A few days later I left my parents and the home I grew up in for an extension of my holiday. It felt strange because the house too seemed like my mother now – beautiful, affectionate, once mine, and solely mine. Today, they were both other entities besides being just my Amma or my home.
Anyway, mush apart, Hampi was terrific!
A vivid description of the history and archeology and shopping, you’ll get on Lonely Planet, so let me get down to what REALLY got me kicked.
The morning my friend and I left Hampi, we sat down to savor the last of our free identities and freedom here.
Over a Tibetian breakfast in a little shack there, we listened to the birds, the river and a bunch of stoned firangs singing off tune.
Just then two people entered the shack.
The woman, atleast sixty, was Israeli and her British companion, an excited little man of atleast seventy led her in.
We couldn’t help but notice how excited the two seemed and they sat down discussing how the hash brown potatoes were nothing like hash brown potatoes here for the next fifteen minutes. The chemistry between them was so charged, I felt much older for a while.
Then, we eavesdropped. (Sorry, Mrs. Beautiful Israeli Woman and Mr. Handome Brit Man)
We learnt the two were once seeing each other, thirty years back. For some reason, they went their ways then. He got married, she was too, and somehow, six months back they got in touch, probably on the internet.
They decided to meet, here in Hampi on a decided date.
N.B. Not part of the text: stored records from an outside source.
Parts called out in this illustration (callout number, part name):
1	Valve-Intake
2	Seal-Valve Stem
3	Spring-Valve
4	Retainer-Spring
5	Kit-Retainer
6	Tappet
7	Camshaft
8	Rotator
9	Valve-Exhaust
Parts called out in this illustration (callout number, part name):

The two came alone, leaving behind their families, but once here, didn’t know how to contact each other. Mr. Handsome Brit Man went all over the place to every inn asking them if Mrs. Beautiful Israeli Woman had checked in and a week later, he found her, and instantly recognized her.
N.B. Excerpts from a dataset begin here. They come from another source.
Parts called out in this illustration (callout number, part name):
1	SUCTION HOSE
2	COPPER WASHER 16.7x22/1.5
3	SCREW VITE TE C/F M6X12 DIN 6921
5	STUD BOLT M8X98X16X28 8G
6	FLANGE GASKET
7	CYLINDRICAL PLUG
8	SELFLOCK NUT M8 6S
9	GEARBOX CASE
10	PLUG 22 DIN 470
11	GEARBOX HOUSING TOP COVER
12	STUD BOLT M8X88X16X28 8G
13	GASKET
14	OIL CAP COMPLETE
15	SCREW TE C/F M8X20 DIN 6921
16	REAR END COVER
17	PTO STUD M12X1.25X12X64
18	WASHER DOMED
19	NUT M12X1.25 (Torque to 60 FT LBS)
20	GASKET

We sat there listening to the two so lost in their past and so oblivious to the world around, suddenly snapping back into the present, feeling awkward, and then gliding back in, lost in memories.
I wish I’d stayed longer and been evil longer enough to know what happened to the two after that Tibetian breakfast. But we had a flight to catch. So a silent prayer said to the couple, we picked our bags and departed.
I’m back now, and my ex-best friend, the warriors and their history, home and the inter-nation lost love story all are part of memory, a past vacation and old photographs.
Hopefully, life will seem interesting enough now on!
Cheers!
2 comments:
sounds absolutely cool.
and hampi is enchanting.
sigh
Hi Sis, the title of the post is misleading.
I did not find a single photograph, whether of hampi or of the old couople or of the young couple or of the long lost classmate of yours.No photo of your idyllic village the ancient temple with its warrior dieties, etc.
There is a sea change in your style. U r more prosaic now, more at peace with yourself unlike the earlier posts poetic, fanciful and betraying trepidations about existential problems.